Why go to Stanford for this? In 2005, Prof. Ioannidis rocked the scientific world with what has since become his most iconic publication: Why most published research findings are false. As the name of the paper suggests, the paper shows using simulations “that for most study designs and settings, it is more likely for a research claim to be false than true.” Partly as a result, he is presently regarded as one of the world’s leading authorities on proper research methodology. I knew from his previous work that he has similar objections to the use of p-values, so an unholy alliance was forged.
During my stay at Stanford, Prof. Ioannidis and I wrote a paper on the US Food and Drug Administration’s (FDA) policy for endorsing new medication. Our paper, which can be found here, provides a simulation-based critique of the errors that can occur when endorsing medications based on a certain policy for combining p-value results. In one sentence, we conclude that strict adoption of the FDA’s policy to endorse new medications following two statistically significant trials may lead to a large proportion of ineffective medication on the market.

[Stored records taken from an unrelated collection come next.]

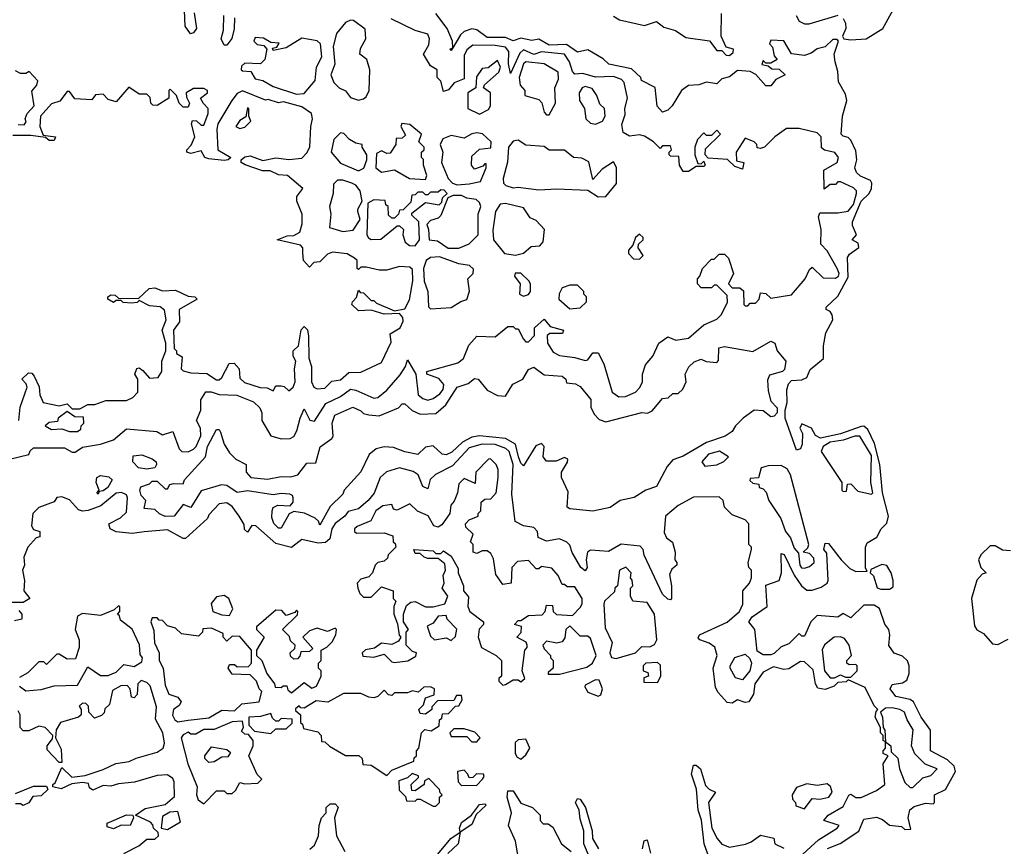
# Model space of a CAD drawing. Extents: x 2737310 to 2869991, y 870230 to 1012730.
# Tile 456 of 479: x 2816451 to 2820270, y 937085 to 940289. Entities that reach past the tile are written whole.
import ezdxf

# ---------------------------------------------------------------- set-up
doc = ezdxf.new("R2010")
doc.units = 0

msp = doc.modelspace()

# ---------------------------------------------------------------- linework, layer by layer
at = {"layer": '0CON02XD'}
for points in [[(2819645, 940293.3), (2819654, 940275), (2819655.8, 940255), (2819642.5, 940225), (2819647.5, 940215), (2819675, 940210.6), (2819735, 940214), (2819798.6, 940255), (2819860, 940365)], [(2817127.5, 940315), (2817136.7, 940255), (2817125, 940237.5), (2817113.6, 940233.6), (2817093.6, 940263.6), (2817090, 940325)], [(2816983.3, 938693.3), (2817005, 938680), (2817045, 938692.5), (2817070, 938625), (2817080, 938615), (2817105, 938613.8), (2817125, 938623.8), (2817135.7, 938634.3), (2817153.6, 938676.4), (2817152.5, 938705), (2817136.7, 938735), (2817153.3, 938775), (2817153.3, 938815), (2817173.9, 938846.1), (2817193.6, 938846.4), (2817225, 938836.7), (2817293, 938833), (2817358.3, 938808.3), (2817382.5, 938785), (2817390, 938765), (2817390, 938735), (2817426, 938676), (2817465, 938664), (2817500, 938665), (2817515, 938673.3), (2817526.2, 938695), (2817538.8, 938745), (2817555, 938780), (2817577, 938737), (2817595, 938732.5), (2817638.3, 938801.7), (2817695, 938828), (2817735, 938856.2), (2817755, 938853.3), (2817825, 938822.5), (2817840, 938825), (2817875, 938852.5), (2817927.3, 938912.7), (2817947.5, 938945), (2817955, 938970), (2817987.5, 938915), (2817996.7, 938835), (2818015, 938820), (2818035, 938813.8), (2818055, 938820), (2818080.8, 938839.2), (2818093.8, 938855), (2818096.2, 938875), (2818077.5, 938897.5), (2818030, 938915), (2818030, 938925), (2818150.8, 938959.2), (2818173.3, 938975), (2818193, 939027), (2818225, 939062.5), (2818295, 939060), (2818345, 939100), (2818365, 939100), (2818375, 939090), (2818385, 939090), (2818405, 939050), (2818415, 939040), (2818425, 939040), (2818447.5, 939065), (2818447.5, 939095), (2818485, 939127.5), (2818509.3, 939099.3), (2818560, 939085), (2818557, 939073), (2818507, 939073), (2818497.5, 939065), (2818498.8, 939035), (2818520.7, 939000.7), (2818545, 938987.5), (2818605, 938980), (2818645, 938967.5), (2818655, 938970), (2818675, 938997.5), (2818695, 938997.5), (2818717.5, 938955), (2818750, 938845), (2818775, 938827.5), (2818801.7, 938828.3), (2818840, 938845), (2818857, 938863), (2818867.5, 938885), (2818867.5, 938915), (2818878.3, 938951.7), (2818907.5, 938985), (2818930, 939035), (2818965, 939060), (2818996.4, 939046.4), (2819045.9, 939054.1), (2819105, 939106.7), (2819155, 939127.5), (2819172.5, 939145), (2819197, 939193), (2819195, 939220), (2819155, 939260), (2819145, 939260), (2819135, 939250), (2819095, 939250), (2819080, 939265), (2819080, 939285), (2819090, 939295), (2819100, 939325), (2819135, 939360), (2819145, 939360), (2819165, 939380), (2819185, 939380), (2819200, 939365), (2819220, 939305), (2819200, 939265), (2819215, 939250), (2819245, 939250), (2819258.3, 939238.3), (2819260, 939185), (2819265, 939180), (2819275, 939180), (2819285, 939190), (2819305, 939190), (2819320, 939205), (2819325, 939230), (2819345, 939227.5), (2819365, 939210), (2819445, 939222.5), (2819497.5, 939285), (2819515, 939320), (2819525, 939330), (2819568.3, 939288.3), (2819615, 939287.5), (2819627.5, 939295), (2819630, 939305), (2819622.5, 939325), (2819583, 939393), (2819558.3, 939418.3), (2819560, 939475), (2819550, 939525), (2819555, 939540), (2819625, 939540), (2819665, 939546.7), (2819685, 939572.5), (2819697.5, 939615), (2819697.5, 939625), (2819685, 939637.5), (2819635, 939660), (2819625, 939660), (2819615, 939650), (2819595, 939650), (2819571.7, 939631.7), (2819570, 939705), (2819622.5, 939735), (2819627.5, 939755), (2819613.6, 939773.6), (2819573, 939783), (2819561.7, 939791.7), (2819560, 939835), (2819545, 939850), (2819475, 939867.5), (2819425, 939867.5), (2819380, 939835), (2819340, 939795), (2819325, 939790), (2819311.7, 939791.7), (2819310, 939805), (2819300, 939815), (2819265, 939830), (2819230, 939775), (2819231.7, 939741.7), (2819260, 939735), (2819255, 939710), (2819225, 939720), (2819197, 939747), (2819121.7, 939751.7), (2819110, 939765), (2819111.7, 939788.3), (2819170, 939845), (2819155, 939860), (2819135, 939840), (2819115, 939840), (2819105, 939850), (2819080, 939825), (2819070, 939795), (2819070, 939765), (2819081.7, 939731.7), (2819095, 939730), (2819105, 939740), (2819110, 939725), (2819105, 939720), (2819075, 939720), (2819045, 939700), (2819025, 939700), (2819010, 939725), (2819008.3, 939758.3), (2818975, 939760), (2818970, 939765), (2818970, 939775), (2818980, 939785), (2818975, 939800), (2818945, 939800), (2818935, 939790), (2818910, 939815), (2818875, 939837.5), (2818855, 939842.5), (2818817, 939837), (2818791.7, 939851.7), (2818787, 939883), (2818799.3, 939920.7), (2818798.8, 939945), (2818808.8, 939985), (2818796.2, 940045), (2818785, 940056.7), (2818755, 940068), (2818685, 940066.2), (2818635, 940080), (2818605, 940077.5), (2818595, 940087.5), (2818584.2, 940125), (2818565, 940155.8), (2818475, 940164.2), (2818445, 940154.3), (2818405, 940172), (2818390.7, 940159.3), (2818355, 940080), (2818347.7, 940117.7), (2818348.1, 940165), (2818335, 940182.9), (2818295, 940189.4), (2818209.3, 940190.7), (2818185, 940172.5), (2818175, 940150), (2818175, 940060), (2818136.4, 940043.6), (2818115, 940017.5), (2818095, 940010), (2818085, 940050), (2818070, 940065), (2818070, 940095), (2818045, 940110), (2818017.5, 940155), (2818038.3, 940191.7), (2818041.2, 940215), (2818035, 940232.5), (2817985, 940246.7), (2817891.7, 940291.7)], [(2817284.1, 940295.9), (2817283.6, 940253.6), (2817273.6, 940216.4), (2817255, 940190), (2817245, 940190), (2817233.3, 940215), (2817241.7, 940248.3), (2817243.3, 940305)], [(2817765, 939977.5), (2817785, 939982.5), (2817795, 939990), (2817806.2, 940015), (2817810, 940095), (2817797.5, 940135), (2817770, 940155), (2817773, 940177), (2817793.3, 940215), (2817791.7, 940251.7), (2817746.1, 940286.1), (2817735, 940287.5), (2817715, 940277.5), (2817680, 940235), (2817667.5, 940185), (2817673, 940117), (2817657.5, 940075), (2817670, 940045), (2817690, 940025), (2817715, 940012.5), (2817735, 939987.5), (2817765, 939977.5)], [(2819740.7, 938700.7), (2819725, 938713.3), (2819715, 938712.2), (2819635, 938683.5), (2819556.9, 938666.9), (2819537.5, 938677.5), (2819522.5, 938705), (2819485, 938722.5), (2819477.5, 938705), (2819487.5, 938685), (2819486.4, 938643.6), (2819480, 938625), (2819465, 938620), (2819420, 938745), (2819420, 938775), (2819428.8, 938805), (2819426.4, 938853.6), (2819433, 938877), (2819445, 938890), (2819485, 938892.5), (2819505, 938902.5), (2819517, 938933), (2819568.9, 938975), (2819569.2, 939025), (2819578, 939075), (2819605.7, 939125), (2819602.5, 939145), (2819595, 939157.5), (2819580, 939165), (2819580, 939175), (2819625, 939216.7), (2819665, 939291.2), (2819662.7, 939367.3), (2819670, 939380), (2819705.8, 939405.8), (2819703, 939423), (2819680, 939435), (2819697.5, 939455), (2819681.4, 939491.4), (2819681.4, 939505), (2819715.6, 939585), (2819745.6, 939615), (2819755.6, 939635), (2819756.9, 939655), (2819751.2, 939665), (2819712.2, 939682.2), (2819696.5, 939696.5), (2819690.8, 939715), (2819698, 939745), (2819695, 939780), (2819675, 939822.5), (2819665, 939832.5), (2819645, 939837.5), (2819637.5, 939845), (2819643.3, 939915), (2819660, 939975), (2819655, 940000), (2819627.9, 940047.9), (2819625, 940087.5), (2819614.2, 940125), (2819610.6, 940155), (2819627.5, 940205), (2819621.7, 940211.7), (2819605, 940212.5), (2819575, 940183.8), (2819545, 940176), (2819521.2, 940158.8), (2819495, 940150), (2819445, 940156.7), (2819415, 940206.7), (2819365, 940210), (2819360, 940195), (2819371.7, 940181.7), (2819378.3, 940148.3), (2819390, 940135), (2819365, 940120), (2819345, 940120), (2819335, 940130), (2819330, 940115), (2819355, 940110), (2819368.3, 940098.3), (2819397, 940097), (2819420, 940075), (2819383.6, 940056.4), (2819365, 940032.5), (2819345, 940032.5), (2819306.4, 940076.4), (2819285, 940087.5), (2819235, 940092.5), (2819205, 940067.5), (2819175, 940060), (2819155, 940040), (2819115, 940046.7), (2819085, 940036.7), (2819045, 940033.8), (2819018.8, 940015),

This conclusion led to a wave of controversy over if it was really as bad as we claimed. Published only two months ago, the paper has been viewed over 8,000 times and shared on social media over 200 times. It also led to two blog-posts that were quite critical of the main message. One of them, available here, was written by Stephen Senn, who is one of the most respected statisticians in the field of medicine. He questions the value of our conclusions, stating that we use Bayesian statistics to quantify evidence in simulations that are based on a traditional frequentist premise, greatly exaggerate the number of non-significant medical trials that are seen in practice (or are left unpublished in a file-drawer), and use an unrealistic prior distribution for the problem at hand.
Responses to the article (and the blogpost) were quite heated, as can be seen from the comments sections at both websites. And that’s for good reason! FDA policies have an enormous impact on people’s lives. And we showed that their process needs improvement: It was inevitable that this would evoke some emotion!
In my previous blog post, I talked about how uncritical thinking about statistics cost Sally Clark her life. My suggestion here, now, is that this is a widespread and rampant problem: given the influence of the FDA, it’s clear that this is not an individual problem. The FDA policy feeds the idea that statistics is finished; that it’s a tool you can apply unthinkingly. That, ultimately, is the point I wanted to make.
Statistics is not ‘done-and-dusted’. It is a healthy and vibrant area of science that includes a number of cutting-edge topics about which some very smart people intensely disagree. That does not mean that ‘everything you learned is wrong’ or that ‘we may as well not do any statistics at all’. Rather, it means that it is important that we don’t turn off our brains and continue to think about how best to quantify evidence, how to best make a smart generalization from a small sample to the entire population, and how to optimally carve out the hidden gem of information from the raw data so painstakingly obtained. In my opinion, statistics and methodology is – hands-down – the most exciting area in science right now. Consider doing your post-graduate work in this area, you can make a difference that affects all of science!